Prospects from as far as New Zealand and Senegal were recruited and reportedly instructed to enroll as “homeless” under the McKinney-Vento Act, in order to classify as homeless and skirt WIAA eligibility regulations and pesky rules like grade and attendance requirements.
From KUOW:
Principal Joe Powell told the investigator that he was unaware that students had falsely claimed homelessness, and was not involved in recruiting or enrolling teens for the program.
However, the investigation found that Powell had his secretary give new Great Futures students McKinney-Vento questionnaires to fill out.
“We’ll be offering our young people another pathway,” said Joe Powell, principal of Sugiyama High School, in a promotional video for Great Futures Prep.“In today’s day and age, in order to complete high school, you have to have had some form of pathway that you committed to while you’re within school.”
KUOW reports that none of the recruits actually attended classes.
Further, the program didn’t just bypass athletic rules; as Dom Brooks grew bolder (forging documents and signatures, routing payments to the Boys and Girls Club, “expelling” students for non-payment of funds) the program likely broke federal and state law, according to a 2025 KUOW report.
The scheme collapsed when Moore and Brooks began pressuring a guidance counselor to stop players from graduations, so they could return for a fifth year. Ultimately, the counselor noticed that Brooks had been stealing her letterhead and email account in order to pose as her, certifying the enrollment of players and even soliciting funds.
When the scheme collapsed, the district accountability was non-existent. Instead of calling the police, the district delayed and obfuscated. Instead of tracking down the stolen taxpayuer funds, the district quietly paid off those involved to keep quiet.
Instead of termination, the district handed Powell a “golden parachute,” allowing him to resign via a settlement that placed him on paid leave to collect a $199,000 salary plus benefits for eight months. The “tuition” stolen from parents was never recovered. And when KUOW asked the district whether they reported the crimes to police, the district pulled off this charade (per KUOW):
…a Seattle Public Schools spokesperson said that the district reported the findings to police last December, six months after the investigation concluded.
However, a Seattle Police Department spokesperson said the police report was made several days ago, at 9 p.m. on Sunday, as this story neared publication.
When police arrived at Seattle Public Schools headquarters, the district employee “stated he had not been part of any of the investigation and had simply been told by the district’s legal advisors to call Seattle Police to file a police report.”

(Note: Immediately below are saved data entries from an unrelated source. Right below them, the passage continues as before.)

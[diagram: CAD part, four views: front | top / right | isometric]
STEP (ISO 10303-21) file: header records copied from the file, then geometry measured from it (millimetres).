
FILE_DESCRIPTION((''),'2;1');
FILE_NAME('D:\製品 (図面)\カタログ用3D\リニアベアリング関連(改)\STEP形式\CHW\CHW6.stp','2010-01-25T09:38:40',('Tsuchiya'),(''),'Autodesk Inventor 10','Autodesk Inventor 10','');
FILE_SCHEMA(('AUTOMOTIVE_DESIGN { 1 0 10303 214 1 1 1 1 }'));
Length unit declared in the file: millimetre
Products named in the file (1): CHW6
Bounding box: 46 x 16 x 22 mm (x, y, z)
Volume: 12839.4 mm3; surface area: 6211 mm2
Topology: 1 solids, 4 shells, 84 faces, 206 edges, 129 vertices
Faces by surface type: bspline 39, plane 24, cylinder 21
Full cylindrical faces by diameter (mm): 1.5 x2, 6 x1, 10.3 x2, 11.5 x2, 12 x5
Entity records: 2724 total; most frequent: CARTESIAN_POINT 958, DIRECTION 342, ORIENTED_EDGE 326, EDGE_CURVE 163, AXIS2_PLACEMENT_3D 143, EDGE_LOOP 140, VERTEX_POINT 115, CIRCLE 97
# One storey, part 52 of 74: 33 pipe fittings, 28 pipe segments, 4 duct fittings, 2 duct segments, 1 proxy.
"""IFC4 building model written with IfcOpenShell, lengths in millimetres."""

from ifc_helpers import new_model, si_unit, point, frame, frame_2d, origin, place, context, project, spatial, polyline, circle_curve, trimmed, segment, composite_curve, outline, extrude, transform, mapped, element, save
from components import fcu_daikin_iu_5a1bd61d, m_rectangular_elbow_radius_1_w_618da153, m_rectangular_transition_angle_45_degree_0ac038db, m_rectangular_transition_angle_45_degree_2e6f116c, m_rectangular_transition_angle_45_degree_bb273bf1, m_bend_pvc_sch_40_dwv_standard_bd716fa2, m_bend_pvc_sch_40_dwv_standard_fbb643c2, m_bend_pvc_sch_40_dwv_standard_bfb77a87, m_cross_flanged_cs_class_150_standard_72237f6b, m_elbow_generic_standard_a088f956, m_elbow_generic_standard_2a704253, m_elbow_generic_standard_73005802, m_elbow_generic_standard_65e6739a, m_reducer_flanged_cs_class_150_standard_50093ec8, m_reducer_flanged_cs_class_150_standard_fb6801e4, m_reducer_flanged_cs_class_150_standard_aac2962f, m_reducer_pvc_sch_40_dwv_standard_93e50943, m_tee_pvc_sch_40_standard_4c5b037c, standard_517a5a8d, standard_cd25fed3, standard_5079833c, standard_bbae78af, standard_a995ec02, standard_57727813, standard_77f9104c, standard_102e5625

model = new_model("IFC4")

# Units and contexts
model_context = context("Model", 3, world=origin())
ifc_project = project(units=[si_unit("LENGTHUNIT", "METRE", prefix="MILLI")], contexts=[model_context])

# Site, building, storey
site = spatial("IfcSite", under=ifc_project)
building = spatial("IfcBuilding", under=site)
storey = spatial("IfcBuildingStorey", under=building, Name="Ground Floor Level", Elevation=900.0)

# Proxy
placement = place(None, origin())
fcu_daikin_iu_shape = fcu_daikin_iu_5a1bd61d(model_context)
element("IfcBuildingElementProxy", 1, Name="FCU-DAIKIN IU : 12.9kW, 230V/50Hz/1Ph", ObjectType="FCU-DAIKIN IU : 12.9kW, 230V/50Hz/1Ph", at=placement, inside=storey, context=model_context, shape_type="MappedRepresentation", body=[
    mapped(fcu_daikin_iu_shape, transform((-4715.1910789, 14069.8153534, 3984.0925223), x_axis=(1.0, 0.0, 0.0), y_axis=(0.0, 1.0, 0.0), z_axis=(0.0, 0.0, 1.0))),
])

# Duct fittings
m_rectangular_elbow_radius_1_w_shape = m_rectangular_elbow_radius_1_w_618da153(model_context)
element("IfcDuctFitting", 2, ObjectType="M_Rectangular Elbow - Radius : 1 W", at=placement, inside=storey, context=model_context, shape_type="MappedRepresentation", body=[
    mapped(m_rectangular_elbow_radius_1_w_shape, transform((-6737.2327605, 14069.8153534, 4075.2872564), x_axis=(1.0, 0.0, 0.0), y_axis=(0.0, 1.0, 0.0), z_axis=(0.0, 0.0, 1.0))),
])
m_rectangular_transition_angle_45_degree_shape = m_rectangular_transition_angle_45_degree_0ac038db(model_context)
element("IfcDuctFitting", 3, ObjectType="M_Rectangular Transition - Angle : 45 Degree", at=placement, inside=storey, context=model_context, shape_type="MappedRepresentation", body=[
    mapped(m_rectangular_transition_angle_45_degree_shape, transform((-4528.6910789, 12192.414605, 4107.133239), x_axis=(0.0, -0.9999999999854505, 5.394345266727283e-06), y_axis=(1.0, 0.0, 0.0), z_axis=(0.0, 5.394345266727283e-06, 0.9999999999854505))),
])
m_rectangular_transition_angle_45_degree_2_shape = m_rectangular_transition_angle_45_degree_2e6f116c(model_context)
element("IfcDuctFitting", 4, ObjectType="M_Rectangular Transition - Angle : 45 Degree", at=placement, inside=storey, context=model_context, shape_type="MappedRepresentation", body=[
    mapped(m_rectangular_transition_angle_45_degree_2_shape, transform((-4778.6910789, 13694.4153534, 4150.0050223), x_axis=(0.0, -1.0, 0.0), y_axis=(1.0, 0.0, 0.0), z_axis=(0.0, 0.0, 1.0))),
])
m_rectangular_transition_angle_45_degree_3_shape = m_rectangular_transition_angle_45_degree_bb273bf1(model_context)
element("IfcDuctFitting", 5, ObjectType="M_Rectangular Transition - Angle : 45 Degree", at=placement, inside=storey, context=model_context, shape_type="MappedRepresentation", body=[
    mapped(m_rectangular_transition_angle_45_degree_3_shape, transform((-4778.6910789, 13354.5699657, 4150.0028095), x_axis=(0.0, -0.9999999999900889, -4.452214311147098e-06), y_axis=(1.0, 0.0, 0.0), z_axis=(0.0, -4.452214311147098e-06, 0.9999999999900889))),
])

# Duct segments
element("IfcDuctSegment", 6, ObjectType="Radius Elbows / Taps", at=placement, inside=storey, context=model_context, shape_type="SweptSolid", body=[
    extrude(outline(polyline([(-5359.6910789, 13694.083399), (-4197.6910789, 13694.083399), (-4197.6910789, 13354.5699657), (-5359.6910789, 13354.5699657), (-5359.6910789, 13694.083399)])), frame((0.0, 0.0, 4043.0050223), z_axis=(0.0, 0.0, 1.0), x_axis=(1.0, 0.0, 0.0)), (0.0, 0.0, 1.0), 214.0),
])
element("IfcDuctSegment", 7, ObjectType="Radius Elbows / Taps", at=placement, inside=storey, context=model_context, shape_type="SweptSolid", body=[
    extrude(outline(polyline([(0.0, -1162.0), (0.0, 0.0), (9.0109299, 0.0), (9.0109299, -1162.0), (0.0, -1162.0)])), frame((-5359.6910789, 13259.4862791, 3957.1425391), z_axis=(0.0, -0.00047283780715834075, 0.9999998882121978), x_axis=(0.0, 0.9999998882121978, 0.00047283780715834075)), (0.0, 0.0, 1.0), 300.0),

Before asking district taxpayers to shell out hundreds and even thousands of dollars for their kid to play sports, shouldn’t the district at least chase down that $22,000-a-year in fraudulent tuition collected by the Great Futures Prep management?
Shouldn’t the district show enough respect for their tax base to report the crime to authorities, and actually assist the authorities in locating the funds and wrongdoing?
And what of the six-figure golden parachutes, the reward given to those overseeing the bilking of tax payers?
How can SPS shell out taxpayer cash to reward administrators who actively bilked students and parents and – at the same time – look to parents, shrug, and say “ya gotta pay if you wanna play?”
Takeaway: Board Should Appoint an External Investigator to Probe Corruption and Nepotism in SPS
In summary, it’s incumbent on district administration to first confront the crises of integrity plaguing SPS athletics. The district must at least take initial steps in cleaning up their own sordid history of pay-to-play, corruption, nepotism and dishonesty rampant in the SPS athletics system.
The board should appoint an external fact-finder to get to the bottom of the aforementioned scandals, identify the sum total of lost, misplaced and wasted funds and root out any and all instances of continued corruption and lack of fiscal, academic and athletic stewardship present in the Seattle Public Schools system.